Mark Twain said, "If you tell the truth, you don't have to remember anything" and Abraham Lincoln added, "No man has a good enough memory to be a successful liar."

Considering these two adages, I find myself feeling sorry for chronic, pathological liars, for they are in a trap; a trap of their own making.

A store manager heard his clerk tell a customer, "No, ma'am, we haven't had any for a while and it doesn't look as if we'll be getting any soon." The manager, overhearing the comment came running over to the customer and said, "Of course we'll have some soon! We placed an order last week." Then the fuming manager pulled the clerk aside and snarled, "You never, never say we're out of anything! Say we've got it on order and it's coming. Now, what was it that she wanted anyway?" The clerk replied, "Rain!"

When liars are asked about something they've previously shared, they must be scrambling furiously within their mind to remember what it was that they said, and whether it was actually true or not, for there are two things that we know about liars. First, they begin to believe their own lies, and this must be terribly confusing. Secondly, the protective custody of their lies gives birth to new lies; a birth rate that makes rabbits seem unproductive in comparison.
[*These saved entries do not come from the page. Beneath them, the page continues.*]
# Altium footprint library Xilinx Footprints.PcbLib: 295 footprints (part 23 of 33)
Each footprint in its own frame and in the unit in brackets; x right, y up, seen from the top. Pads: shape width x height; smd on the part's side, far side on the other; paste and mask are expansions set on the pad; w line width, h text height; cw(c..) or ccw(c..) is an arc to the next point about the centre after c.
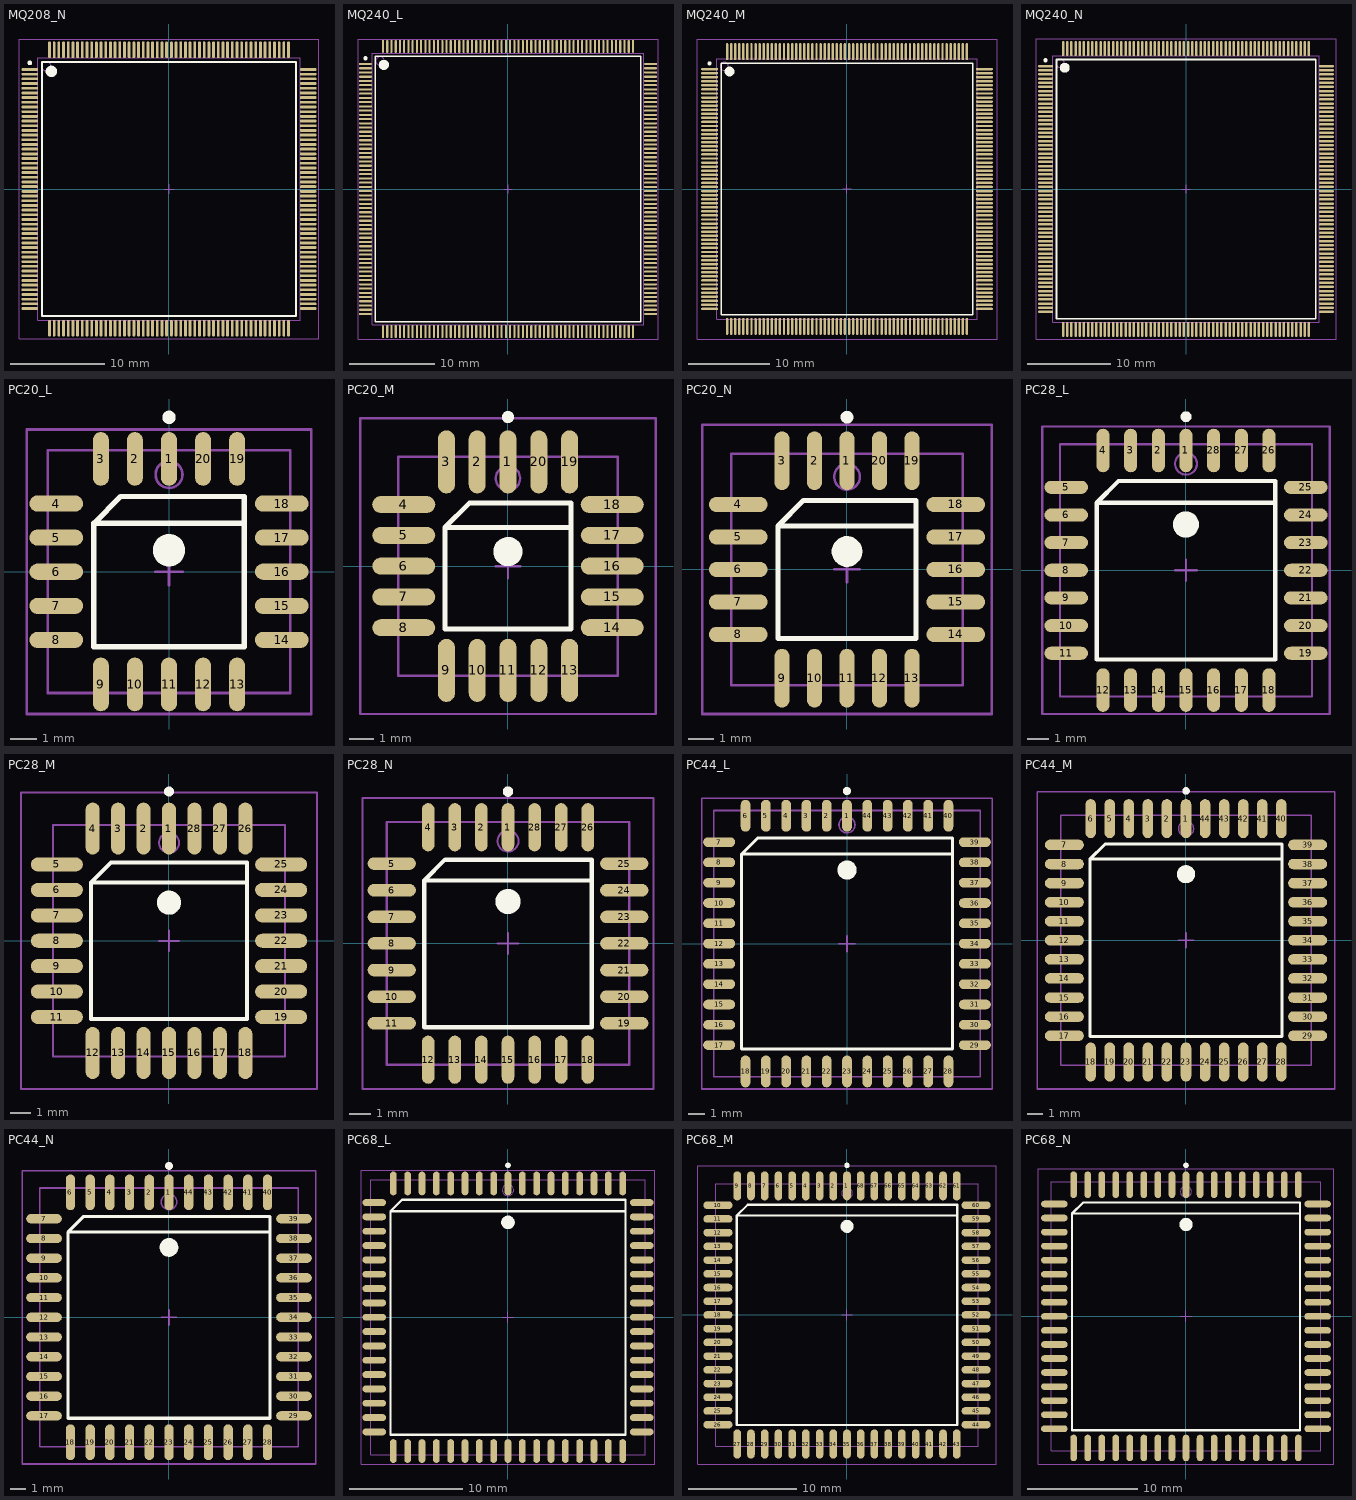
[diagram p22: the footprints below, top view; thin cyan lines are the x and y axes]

## MQ208_N [mm] "208-Pin Metal Quad Flat Pack (MQ208), IPC Medium Density"
height 4.1
pads (208):
  oval 1.8x0.3 smd: 1(-14.85,12.75) 2(-14.85,12.25) 3(-14.85,11.75) 4(-14.85,11.25) 5(-14.85,10.75) 6(-14.85,10.25) 7(-14.85,9.75) 8(-14.85,9.25) 9(-14.85,8.75) 10(-14.85,8.25) 11(-14.85,7.75) 12(-14.85,7.25) 13(-14.85,6.75) 14(-14.85,6.25) 15(-14.85,5.75) 16(-14.85,5.25) 17(-14.85,4.75) 18(-14.85,4.25) 19(-14.85,3.75) 20(-14.85,3.25) 21(-14.85,2.75) 22(-14.85,2.25) 23(-14.85,1.75) 24(-14.85,1.25) 25(-14.85,0.75) 26(-14.85,0.25) 27(-14.85,-0.25) 28(-14.85,-0.75) 29(-14.85,-1.25) 30(-14.85,-1.75) 31(-14.85,-2.25) 32(-14.85,-2.75) 33(-14.85,-3.25) 34(-14.85,-3.75) 35(-14.85,-4.25) 36(-14.85,-4.75) 37(-14.85,-5.25) 38(-14.85,-5.75) 39(-14.85,-6.25) 40(-14.85,-6.75) 41(-14.85,-7.25) 42(-14.85,-7.75) 43(-14.85,-8.25) 44(-14.85,-8.75) 45(-14.85,-9.25) 46(-14.85,-9.75) 47(-14.85,-10.25) 48(-14.85,-10.75) 49(-14.85,-11.25) 50(-14.85,-11.75) 51(-14.85,-12.25) 52(-14.85,-12.75) 105(14.85,-12.75) 106(14.85,-12.25) 107(14.85,-11.75) 108(14.85,-11.25) 109(14.85,-10.75) 110(14.85,-10.25) 111(14.85,-9.75) 112(14.85,-9.25) 113(14.85,-8.75) 114(14.85,-8.25) 115(14.85,-7.75) 116(14.85,-7.25) 117(14.85,-6.75) 118(14.85,-6.25) 119(14.85,-5.75) 120(14.85,-5.25) 121(14.85,-4.75) 122(14.85,-4.25) 123(14.85,-3.75) 124(14.85,-3.25) 125(14.85,-2.75) 126(14.85,-2.25) 127(14.85,-1.75) 128(14.85,-1.25) 129(14.85,-0.75) 130(14.85,-0.25) 131(14.85,0.25) 132(14.85,0.75) 133(14.85,1.25) 134(14.85,1.75) 135(14.85,2.25) 136(14.85,2.75) 137(14.85,3.25) 138(14.85,3.75) 139(14.85,4.25) 140(14.85,4.75) 141(14.85,5.25) 142(14.85,5.75) 143(14.85,6.25) 144(14.85,6.75) 145(14.85,7.25) 146(14.85,7.75) 147(14.85,8.25) 148(14.85,8.75) 149(14.85,9.25) 150(14.85,9.75) 151(14.85,10.25) 152(14.85,10.75) 153(14.85,11.25) 154(14.85,11.75) 155(14.85,12.25) 156(14.85,12.75)
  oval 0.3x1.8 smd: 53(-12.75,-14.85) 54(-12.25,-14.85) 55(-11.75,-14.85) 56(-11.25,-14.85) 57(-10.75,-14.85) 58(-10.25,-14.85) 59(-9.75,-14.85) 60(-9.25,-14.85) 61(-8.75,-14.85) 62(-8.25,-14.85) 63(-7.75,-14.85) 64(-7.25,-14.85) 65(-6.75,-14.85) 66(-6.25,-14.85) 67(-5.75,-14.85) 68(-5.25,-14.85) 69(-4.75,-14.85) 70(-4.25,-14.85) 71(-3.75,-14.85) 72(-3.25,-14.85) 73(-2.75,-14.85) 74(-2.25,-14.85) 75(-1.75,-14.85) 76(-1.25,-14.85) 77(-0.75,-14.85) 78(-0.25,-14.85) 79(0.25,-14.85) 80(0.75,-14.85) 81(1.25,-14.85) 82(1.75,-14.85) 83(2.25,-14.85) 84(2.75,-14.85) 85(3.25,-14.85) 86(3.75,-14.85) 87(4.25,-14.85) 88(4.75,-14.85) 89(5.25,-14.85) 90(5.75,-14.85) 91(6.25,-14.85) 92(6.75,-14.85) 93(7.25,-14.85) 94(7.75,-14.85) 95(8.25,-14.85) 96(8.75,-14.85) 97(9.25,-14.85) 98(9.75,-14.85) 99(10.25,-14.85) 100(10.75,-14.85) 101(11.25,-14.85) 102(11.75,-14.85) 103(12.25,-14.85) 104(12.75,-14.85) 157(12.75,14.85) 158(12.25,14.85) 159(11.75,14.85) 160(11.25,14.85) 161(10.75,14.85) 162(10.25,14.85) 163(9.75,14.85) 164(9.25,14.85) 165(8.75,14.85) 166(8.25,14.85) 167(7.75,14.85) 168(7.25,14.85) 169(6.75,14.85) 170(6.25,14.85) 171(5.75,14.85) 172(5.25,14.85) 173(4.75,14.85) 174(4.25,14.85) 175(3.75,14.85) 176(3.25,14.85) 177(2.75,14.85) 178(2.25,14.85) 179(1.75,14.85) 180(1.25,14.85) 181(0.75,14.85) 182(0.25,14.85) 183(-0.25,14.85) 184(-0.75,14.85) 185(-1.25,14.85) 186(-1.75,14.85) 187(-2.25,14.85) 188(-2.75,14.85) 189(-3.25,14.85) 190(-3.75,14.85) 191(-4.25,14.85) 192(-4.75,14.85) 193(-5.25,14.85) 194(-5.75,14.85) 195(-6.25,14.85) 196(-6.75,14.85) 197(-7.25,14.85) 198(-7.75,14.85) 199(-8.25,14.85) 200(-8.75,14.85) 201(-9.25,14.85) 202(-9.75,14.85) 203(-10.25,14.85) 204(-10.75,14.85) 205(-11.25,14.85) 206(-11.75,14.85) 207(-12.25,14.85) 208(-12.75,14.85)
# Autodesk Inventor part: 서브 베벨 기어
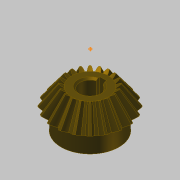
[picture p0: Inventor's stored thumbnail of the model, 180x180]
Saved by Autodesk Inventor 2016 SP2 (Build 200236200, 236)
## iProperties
Created: 2016-04
Part Number: 서브 베벨 기어
Material: 강철, 탄소
Document SubType Name: Modeling
Designer: mdu
Categories: <?xml version="1.0" encoding="UTF-16"?> <MemberInstance><Categories><FamilyTemplate><FamilyTemplateParameter ValueType="xs:double" Id="1" ObjectReferenceKey="da
Mass: 135.037 g
Surface Area: 63.6518 cm^2
Volume: 17.1585 cm^3
Density: 7.87 g/cm^3
Appearance: 얼룩무늬
CustomPartVersion: 1
Author: mdu
Revision Number: 1
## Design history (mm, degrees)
node "맨 위 점"
node "메쉬 평면2"
sketch "톱니 본체 스케치"
  geometry: L1 (0, 0)-(18.003, -31.331); L2 (18.003, -31.331)-(21.664, -28.891); L3 (21.664, -28.891)-(0, 0); L4 (20, -30)-(0, 0); L5 (10.813, -18.818)-(13.012, -17.352); L6 (18.003, -31.331)-(10.813, -18.818); L7 (21.664, -28.891)-(13.012, -17.352); L8 (0, -39.387)-(0, 6.564) reference; L9 (0, -30)-(21.664, -30)
  constraints: 16 end point, 4 point on line, 3 perpendicular, 2 collinear, 1 horizontal alignment, 1 vertical alignment
  dimensions: "d0" = 40 diameter of L4.start L8 (= da_de); "d1" = 36.00616 diameter of L1.end L8 (= da_dfe); "d2" = 43.3282 diameter of L2.end L8 (= da_dae); "d3" = 14.4 distance between parallel lines of L2 L5 (= da_b); "d4" = 28.8906 vertical distance of L2.end L1.start (= da_ve)
revolve "톱니 본체" sketch "톱니 본체 스케치" stored, may be unused: angle "d5" = 90 deg
node "시작점"
node "톱니 평면"
sketch "시작 스케치"
  geometry: L1 (0, -23.505)-(0, 10.645) reference; L2 (-0.834, -2.928)-(0.834, -2.928); A1 r 8.898 centre (-9.698, -3.713) between (-0.834, -2.928) and (-3.903, 3.04); A2 r 8.898 centre (9.698, -3.713) between (3.903, 3.04) and (0.834, -2.928); A3 r 27.357 centre (0, -24.037) between (3.903, 3.04) and (-3.903, 3.04); 1 further point
  constraints: 6 point on circle, 3 centre point, 3 symmetric about line, 2 end point, 1 coincident, 1 perpendicular, 1 other
  dimensions: "d7" = 8.89846 radius of A1 (= fd_rr); "d8" = 9.69794 horizontal distance of point (0, -24.037) A1.centre (= fd_x); "d9" = 20.32439 vertical distance of point (0, -24.037) A1.centre (= fd_y); "d57" = 27.35701 radius of A3 (= 0.5 x fd_dva + 0.3 x da_he); "d58" = 21.10901 distance from line of A3.centre L2 (= 0.5 x fd_dva - 1.12 x da_he)
node "끝점"
  node "끝 평면"
sketch "3D 스케치 오른쪽"
  node "Helical Curve Right" dims "d65" = 229.90621 (computed from da_dm, da_delta, da_beta), "d66" = 31.5, "d67" = 40 (= da_de), "d68" = -5.88003 (= -da_delta), "d69" = 12.16458 (computed from fd_loft, da_delta)
node "끝 평면 오른쪽"
sketch "끝 스케치 오른쪽"
  geometry: L1 (0, -22.649)-(0, 12.15) reference; L2 (-0.497, -1.72)-(0.497, -1.72); A1 r 5.299 centre (-5.775, -2.187) between (-0.497, -1.72) and (-2.324, 1.834); A2 r 5.299 centre (5.775, -2.187) between (2.324, 1.834) and (0.497, -1.72); A3 r 16.291 centre (0, -14.29) between (2.324, 1.834) and (-2.324, 1.834); 1 further point
  constraints: 6 point on circle, 3 centre point, 3 symmetric about line, 2 end point, 1 coincident, 1 perpendicular, 1 other
  dimensions: "d70" = 5.77526 horizontal distance of A3.centre A1.centre (computed from fd_x, fd_ratio); "d71" = 12.10346 vertical distance of point (0, -14.29) A1.centre (computed from fd_y, fd_ratio); "d72" = 5.29916 radius of A1 (computed from fd_rr, fd_ratio); "d73" = 12.57071 distance from line of point (0, -14.29) L2 (computed from d58, fd_ratio); "d74" = 16.29149 radius of A3 (computed from d57, fd_ratio)
feature "로프트 오른쪽" sketch "끝 스케치 오른쪽" dims "d75" = 0, "d77" = 0, "d79" = 0, "d80" = 90 deg, "d85" = 20, "d92" = 90 deg, "d93" = 90 deg, "da_teethtype" = 0 [user parameter]
sketch "3D 스케치 왼쪽"
  node "Helical Curve Left" dims "d26" = 229.90621 (computed from da_dm, da_delta, da_beta), "d27" = 12.16458 (computed from fd_loft, da_delta), "d28" = 40 (= da_de), "d29" = -5.88003 (= -da_delta)
node "끝 평면 왼쪽"
sketch "끝 스케치 왼쪽" dims "d56" = 10.82768 (derived)
  geometry: L1 (0, -35.087)-(0, 18.089) reference; L2 (-0.497, -1.716)-(0.497, -1.716); A1 r 5.299 centre (-5.775, -2.183) between (-0.497, -1.716) and (-2.324, 1.838); A2 r 5.299 centre (5.775, -2.183) between (2.324, 1.838) and (0.497, -1.716); A3 r 16.291 centre (0, -14.287) between (2.324, 1.838) and (-2.324, 1.838); 2 further points; 1 other entity
  constraints: 6 point on circle, 3 centre point, 3 symmetric about line, 2 end point, 1 coincident, 2 other
  dimensions: "d30" = 5.29916 radius of A1 (computed from fd_rr, fd_ratio); "d31" = 5.77526 horizontal distance of point (0, -14.287) A1.centre (computed from fd_x, fd_ratio); "d32" = 12.10346 vertical distance of A1.centre point (0, -14.287) (computed from fd_y, fd_ratio); "d61" = 16.29149 radius of A3 (computed from d57, fd_ratio); "d62" = 12.57071 distance from line of point (0, -14.287) L2 (computed from d58, fd_ratio)
feature "로프트 왼쪽" sketch "끝 스케치 왼쪽" dims "d35" = 0, "d37" = 0, "d39" = 0, "d40" = 90 deg, "d84" = 10, "d90" = 90 deg, "d91" = 90 deg, "da_teethtype" = 0 [user parameter]
sketch "본체 스케치"
  geometry: L1 (0, -35.038)-(0, -19.531) reference; L2 (18.003, -31.331)-(10.813, -18.818) reference; L3 (10.813, -18.818)-(0, -18.818); L4 (18.003, -31.331)-(0, -31.331)
  constraints: 4 end point, 2 perpendicular, 2 point on line
revolve "본체 고정" sketch "본체 스케치" stored, may be unused: angle "d46" = 90 deg
feature "피치 지름" dims angle "d47" = 90 deg
sketch "스케치8"
  geometry: C1 r 17 at (0, 0); 1 further point
  constraints: 1 centre point, 1 coincident
  dimensions: "d94" = 34 diameter of C1
extrude "돌출1" join sketch "스케치8" distance "d95" = 10; taper "d96" = 0 deg
sketch "스케치9"
  geometry: 1 further point
hole "구멍1" sketch "스케치9" at (0, 0) diameter "d97" = 12; stored, may be unused: countersink angle "d101" = 90 deg, drill point angle "d103" = 118 deg; dims "d98" = 6, "d99" = 4, "d100" = 2, "d102" = 8
sketch "스케치10"
  geometry: 1 further point
sketch "스케치11"
  geometry: 1 further point
sketch "스케치12"
  geometry: L1 (-2, 5.657)-(-2, 7.8); L2 (-2, 7.8)-(2, 7.8); L3 (2, 7.8)-(2, 5.657); A1 r 6 centre (0, 0) between (-2, 5.657) and (2, 5.657) reference; 1 further point
  constraints: 6 end point, 2 parallel, 2 point on circle, 1 perpendicular, 1 vertical
  dimensions: "d104" = 4 distance of L1.end L2.end; "d105" = 13.8 dimension on A1 L2
extrude "돌출2" cut sketch "스케치12" stored distance "d106" = 7; taper "d107" = 0 deg
chamfer "모따기1" distance "d108" = 1; stored, may be unused: second distance "d109" = 2, angle "d110" = 45 deg
body "Solid1"
feature "로프트" dims "d17" = 0, "d18" = 90 deg, "d19" = 0, "d20" = 90 deg, "d89" = 0, "da_teethtype" = 0 [user parameter]
pattern_circular "원형 패턴" dims angle "d22" = 360 deg, "d88" = 0, "da_teethtype" = 0 [user parameter]
pattern_circular "원형 패턴 오른쪽" dims angle "d82" = 360 deg, "da_teethtype" = 0 [user parameter]
pattern_circular "원형 패턴 왼쪽" dims angle "d42" = 360 deg, "da_teethtype" = 0 [user parameter]
sketch "끝 스케치"
  geometry: L1 (0, -15.359)-(0, 6.983) reference; L2 (-0.497, -1.72)-(0.497, -1.72); A1 r 5.299 centre (-5.775, -2.187) between (-0.497, -1.72) and (-2.324, 1.834); A2 r 5.299 centre (5.775, -2.187) between (2.324, 1.834) and (0.497, -1.72); A3 r 16.291 centre (0, -14.29) between (2.324, 1.834) and (-2.324, 1.834); 1 further point
  constraints: 6 point on circle, 3 centre point, 3 symmetric about line, 2 end point, 1 coincident, 1 other
  dimensions: "d12" = 5.29916 radius of A1 (computed from fd_rr, fd_ratio); "d15" = 5.77526 horizontal distance of A1.centre point (0, -14.29) (computed from fd_x, fd_ratio); "d16" = 12.10346 vertical distance of A1.centre point (0, -14.29) (computed from fd_y, fd_ratio); "d59" = 16.29149 radius of A3 (computed from d57, fd_ratio); "d60" = 12.57071 distance from line of A3.centre L2 (computed from d58, fd_ratio)
sketch "Sketch6"
  geometry: L1 (20, -30)-(0, 0) reference; L2 (0, -37.8)-(0, 6.3) reference
body "Srf1"
other parameters: "da_b" = 14.4 [user parameter; used in 2 equation terms], "da_de" = 40 [user parameter; used in 4 equation terms], "da_dae" = 43.3282 [user parameter; used in 2 equation terms], "da_dfe" = 36.00616 [user parameter; used in 1 equation term], "da_le" = 36.05551 [user parameter; used in 1 equation term], "da_omega" = 90 deg [user parameter; used in 1 equation term], "da_beta" = 0 [user parameter; used in 2 equation terms], "da_delta" = 5.88003 [user parameter; used in 8 equation terms], "da_alpha" = 20 deg [user parameter; used in 2 equation terms], "da_he" = 4.4 [user parameter; used in 4 equation terms], "da_ve" = 28.8906 [user parameter; used in 1 equation term], "fd_dv" = 48.07402 (computed from da_de, da_delta) [user parameter; used in 1 equation term], "fd_dva" = 52.07402 (computed from da_dae, da_delta) [user parameter; used in 3 equation terms], "fd_dvb" = 45.1748 (computed from fd_dv, da_alpha) [user parameter; used in 2 equation terms], "da_zv" = 240.37008 [user parameter; used in 1 equation term], "fd_loft" = 14.62 (= da_b + 0.05 x da_he) [user parameter; used in 4 equation terms], "fd_ratio" = 5.95514 (computed from da_le, fd_loft) [user parameter; used in 15 equation terms], "fd_rr" = 8.89846 (computed from fd_dd, fd_dvb) [user parameter; used in 6 equation terms], "fd_angle" = 0.66075 (computed from da_zv) [user parameter; used in 4 equation terms], "fd_x1" = 1.58709 (computed from da_dvw, fd_angle) [user parameter; used in 1 equation term], "fd_y1" = 23.98456 (computed from da_dvw, fd_angle) [user parameter; used in 1 equation term], "fd_x2" = 8.11084 (computed from fd_rr, fd_angle2, fd_angle) [user parameter; used in 1 equation term], "fd_y2" = 3.66016 (computed from fd_rr, fd_angle2, fd_angle) [user parameter; used in 1 equation term], "fd_x" = 9.69794 (= fd_x1 + fd_x2) [user parameter; used in 4 equation terms], "fd_y" = 20.32439 (= fd_y1 - fd_y2) [user parameter; used in 4 equation terms], "fd_angle2" = 3.57832 (computed from fd_dvb, fd_dd, da_alpha) [user parameter; used in 2 equation terms], "fd_dd" = 48.55402 (= fd_dva - 0.8 x da_he) [user parameter; used in 2 equation terms], "da_dvw" = 48.07402 [user parameter; used in 2 equation terms], "d11" = 14.62 (= fd_loft), "da_dm" = 32.01232 [user parameter; used in 2 equation terms], "da_x" = 0 [user parameter], "da_m" = 2 [user parameter], "d48" = 0, "d49" = 0, "d50" = 90 deg (= da_omega), "d51" = 9 deg (computed from da_z), "d52" = 0, "d53" = 0, "d54" = 0

Lying is a serious matter. Proverbs 6:17 says that God hates "a lying tongue." But it is not incurable. Ephesians 4:25 commands that we, "stop telling lies and speak truth with our neighbours," suggesting that we'll know that we've stopped the practice of lying, when we begin habitually speaking the truth.

By the way, it's really helpful to spend time with those who are truthful ... Jesus said that He is "the way, the truth and the life."